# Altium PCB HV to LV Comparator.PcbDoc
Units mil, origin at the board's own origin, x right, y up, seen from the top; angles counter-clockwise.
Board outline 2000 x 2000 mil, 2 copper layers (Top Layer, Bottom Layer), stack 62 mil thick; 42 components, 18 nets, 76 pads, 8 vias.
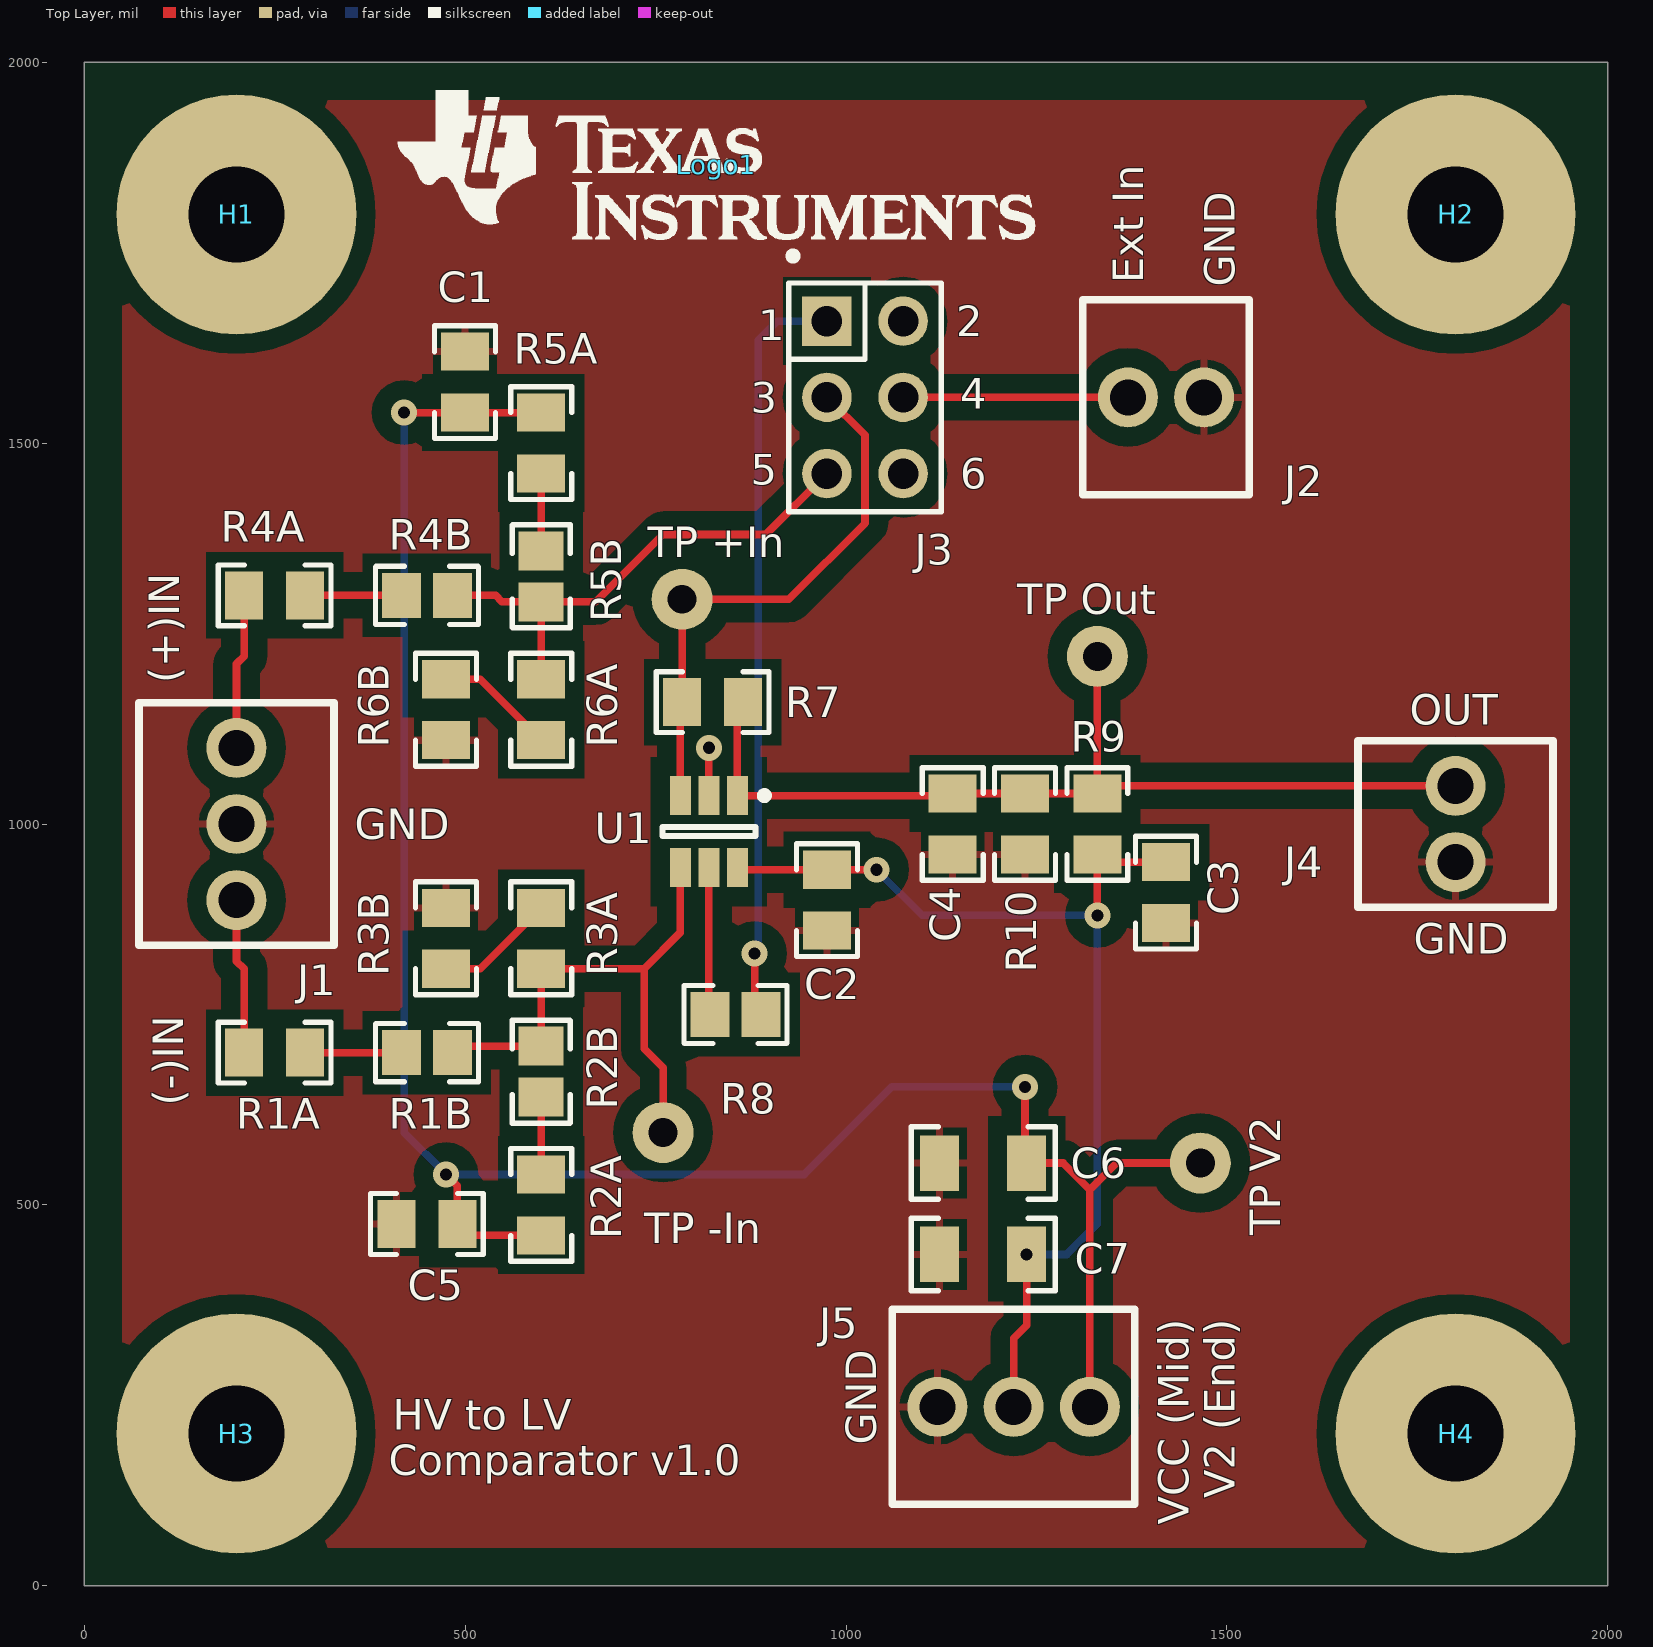
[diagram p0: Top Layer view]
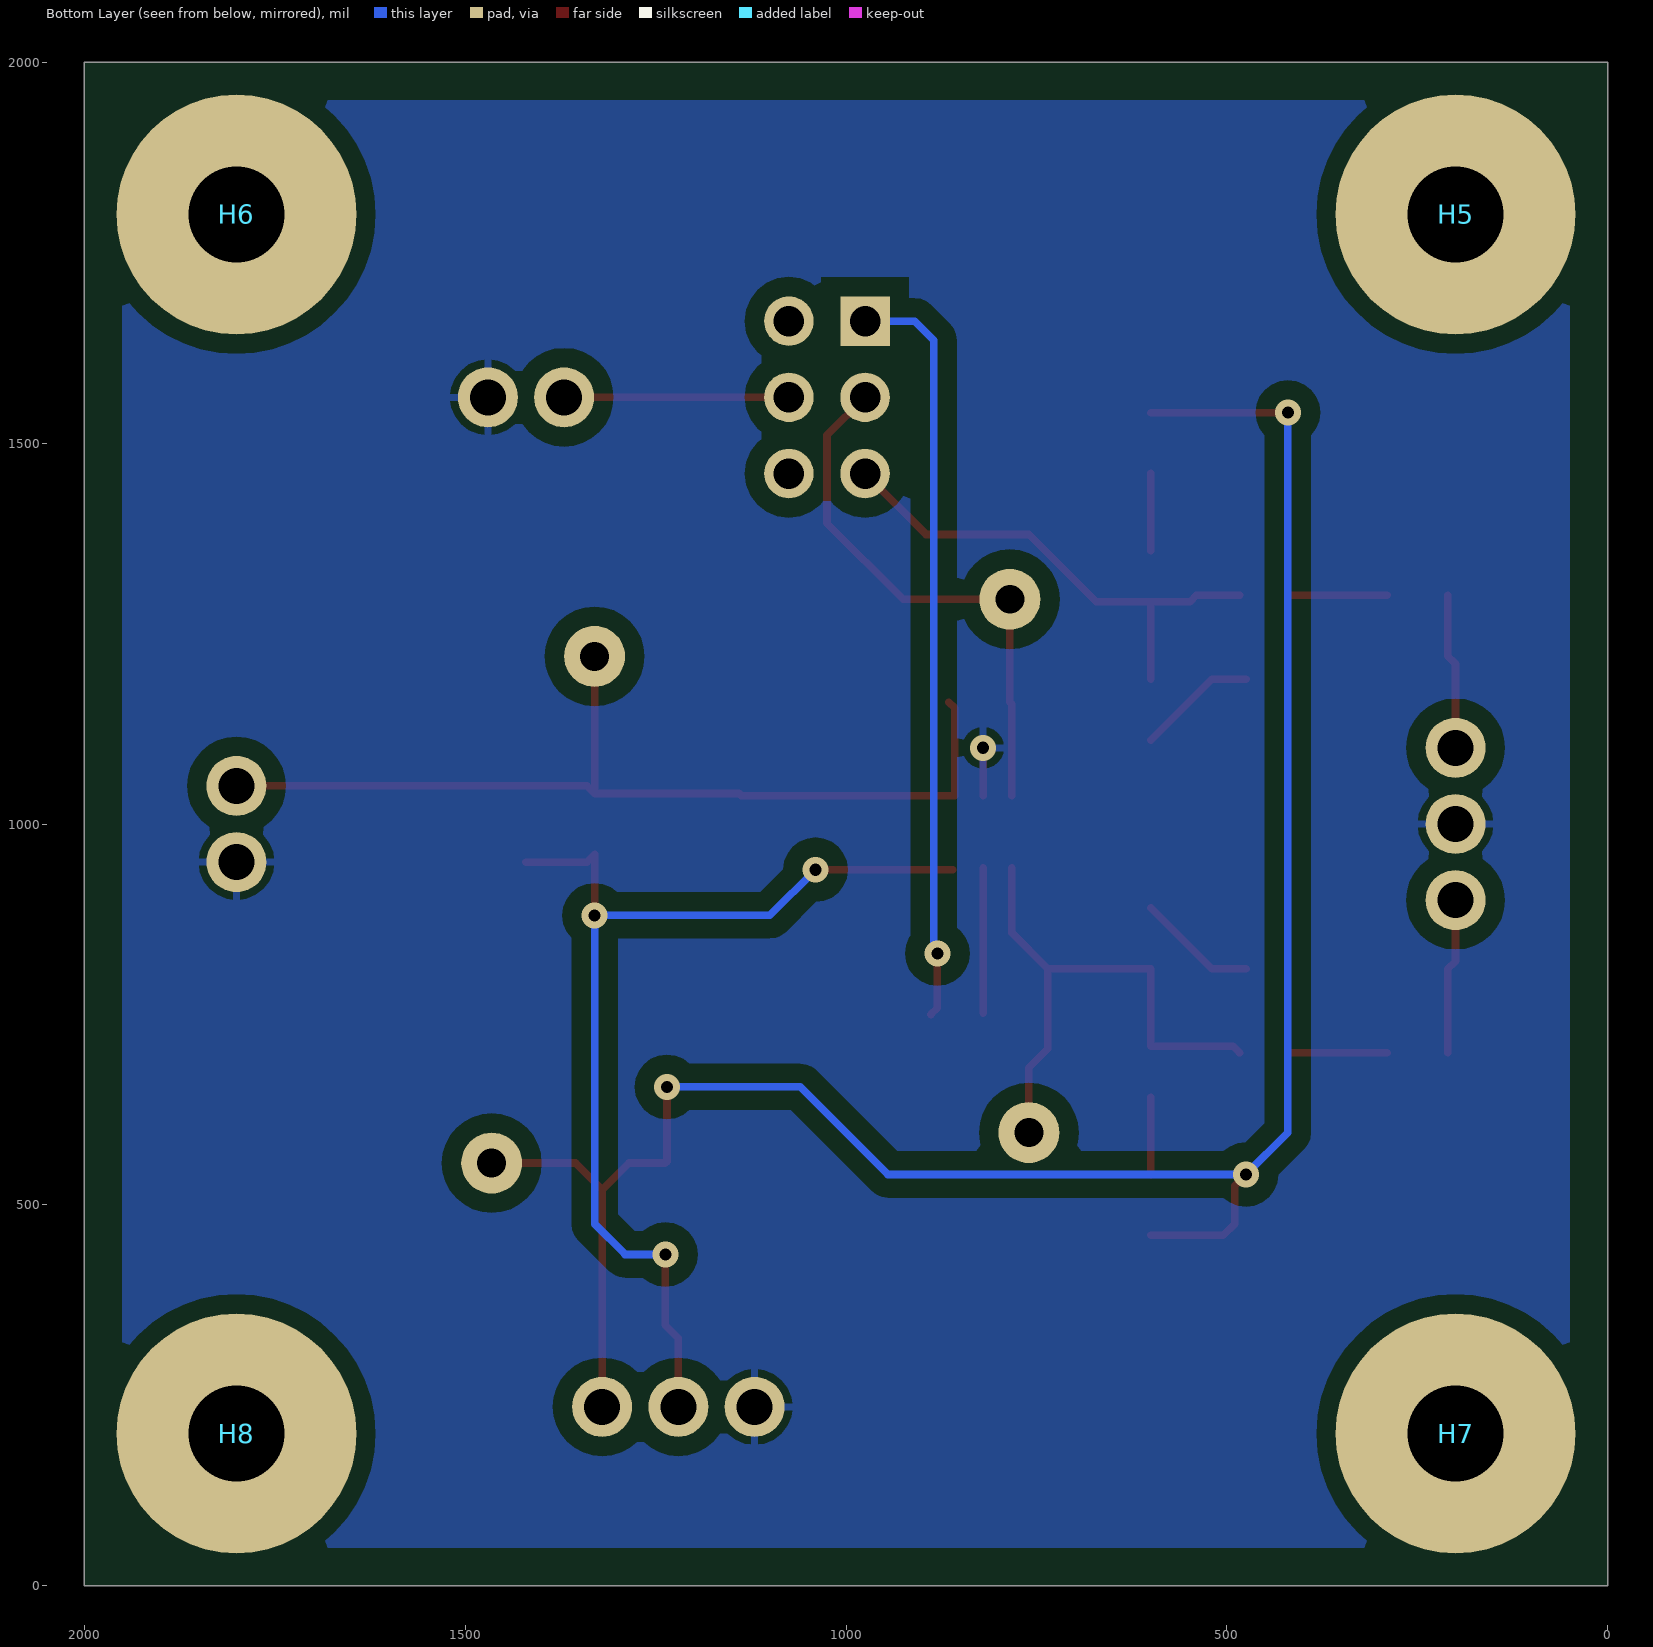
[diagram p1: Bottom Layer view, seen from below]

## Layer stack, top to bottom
Top Layer: signal copper 1.4
Dielectric: core 59.2, FR-4, Dk 4.8
Bottom Layer: signal copper 1.4

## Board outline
0,0 2000,0 2000,2000 0,2000

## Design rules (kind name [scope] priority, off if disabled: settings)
AcuteAngle [All] p1: minimum=4.50000000000000E+0001 checktracksonly=FALSE
AssemblyTestPointUsage [All] p1: valid=2
Clearance Clearance_BoardEdge_MountingHoles [OnCopper and InComponentClass('Mounting Holes') vs IsKeepOut] p1: gap=40
Clearance Clearance_BoardEdge_Poly [OnCopper and InPoly vs IsKeepOut] p2: gap=25
Clearance Clearance_BoardEdge [OnCopper and Not InComponentClass('Logo') and not InComponentClass('FiducialMark') and not InRegion(1000,500,4000,800) and Not IsKeepout vs IsKeepOut] p3: gap=75
Clearance Clearance_Poly [InPolygon] p4: gap=25
Clearance [All] p5: gap=8
ComponentClearance ComponentClearance_Logo [InComponentClass('Logo')] p1: gap=10 collisioncheckmode=3 verticalgap=10 showdistances=FALSE
ComponentClearance ComponentClearance_ScrewToNut [(HasFootprint('NY PMS 440 0025 PH')) vs (HasFootprint('Keystone_1902C'))] p2: gap=5 collisioncheckmode=3 verticalgap=10 showdistances=FALSE
ComponentClearance ComponentClearance_MountingHoles [InComponentClass('Mounting Holes')] p3: gap=50 collisioncheckmode=3 verticalgap=100000 showdistances=FALSE
ComponentClearance ComponentClearance_SmallPassives [HasFootprint('0201*') or HasFootprint('0402*') or HasFootprint('0508') or HasFootprint('0603*') or HasFootprint('0612') or HasFootprint('0805*') or HasFootprint('0815*') or HasFootprint('0830*') or HasFootprint('1206*') or HasFootprint('1210*') or HasFootprint('1808*') or HasFootprint('1812*') or HasFootprint('1825*') or HasFootprint('2010*') or HasFootprint('2220*') or HasFootprint('2225*') or HasFootprint('2512*') or HasFootprint('2728*') or HasFootprint('3518*') vs HasFootprint('0201*') or HasFootprint('0402*') or HasFootprint('0508') or HasFootprint('0603*') or HasFootprint('0612') or HasFootprint('0805*') or HasFootprint('0815*') or HasFootprint('0830*') or HasFootprint('1206*') or HasFootprint('1210*') or HasFootprint('1808*') or HasFootprint('1812*') or HasFootprint('1825*') or HasFootprint('2010*') or HasFootprint('2220*') or HasFootprint('2225*') or HasFootprint('2512*') or HasFootprint('2728*') or HasFootprint('3518*')] p4: gap=20 collisioncheckmode=3 verticalgap=10 showdistances=FALSE
ComponentClearance ComponentClearance_THtoSMT [IsThruComponent vs IsSMTComponent] p5: gap=20 collisioncheckmode=3 verticalgap=10 showdistances=FALSE
ComponentClearance ComponentClearance_THtoTH [IsThruComponent vs IsThruComponent] p6: gap=118.11 collisioncheckmode=3 verticalgap=30 showdistances=FALSE
ComponentClearance [All] p7: gap=40 collisioncheckmode=3 verticalgap=10 showdistances=FALSE
DiffPairsRouting [All] p1: maxlimit=100 minlimit=10 mostfreqgap=10 maxuncoupledlength=1000
FabricationTestPointUsage TestPointUsage [All] p1: valid=2 allowmultiple=FALSE
FabricationTestpoint Testpoint [All] p1: side=3 testpointundercomponent=TRUE minsize=40 maxsize=100 preferedsize=60 minholesize=0 maxholesize=40 preferedholesize=32 testpointgrid=1 allowsidetop=TRUE allowsidebottom=TRUE usegrid=TRUE gridtolerance=0.01
FanoutControl Fanout_LCC [IsLCC] p1: bgadir=Out bgaviamode=Centered fanoutstyle=Auto fanoutdirection=Alternating viagrid=1 // Fanout_LCC (Default Rule)
FanoutControl Fanout_BGA [IsBGA] p2: bgadir=Out bgaviamode=Centered fanoutstyle=Auto fanoutdirection=Alternating viagrid=1 // Fanout_BGA (Default Rule)
FanoutControl Fanout_Default [All] p4: bgadir=Out bgaviamode=Centered fanoutstyle=Auto fanoutdirection=Alternating viagrid=1 // Fanout_Default (Default Rule)
FanoutControl Fanout_Small [(CompPinCount < 5)] p5: bgadir=Out bgaviamode=Centered fanoutstyle=Auto fanoutdirection=OutThenIn viagrid=1 // Fanout_Small (Default Rule)
HoleSize [All] p1: absolutevalues=TRUE maxlimit=251 minlimit=8 maxpercent=80.000 minpercent=20.000
MinimumAnnularRing [All] p1: minimumring=9
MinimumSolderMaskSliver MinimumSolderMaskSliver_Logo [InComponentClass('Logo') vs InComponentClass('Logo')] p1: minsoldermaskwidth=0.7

○ ○ ○ ○ ○

Exercise details - Return every line above that contains the word "Default".

Solution for this exercise -
FanoutControl Fanout_LCC [IsLCC] p1: bgadir=Out bgaviamode=Centered fanoutstyle=Auto fanoutdirection=Alternating viagrid=1 // Fanout_LCC (Default Rule)
FanoutControl Fanout_BGA [IsBGA] p2: bgadir=Out bgaviamode=Centered fanoutstyle=Auto fanoutdirection=Alternating viagrid=1 // Fanout_BGA (Default Rule)
FanoutControl Fanout_Default [All] p4: bgadir=Out bgaviamode=Centered fanoutstyle=Auto fanoutdirection=Alternating viagrid=1 // Fanout_Default (Default Rule)
FanoutControl Fanout_Small [(CompPinCount < 5)] p5: bgadir=Out bgaviamode=Centered fanoutstyle=Auto fanoutdirection=OutThenIn viagrid=1 // Fanout_Small (Default Rule)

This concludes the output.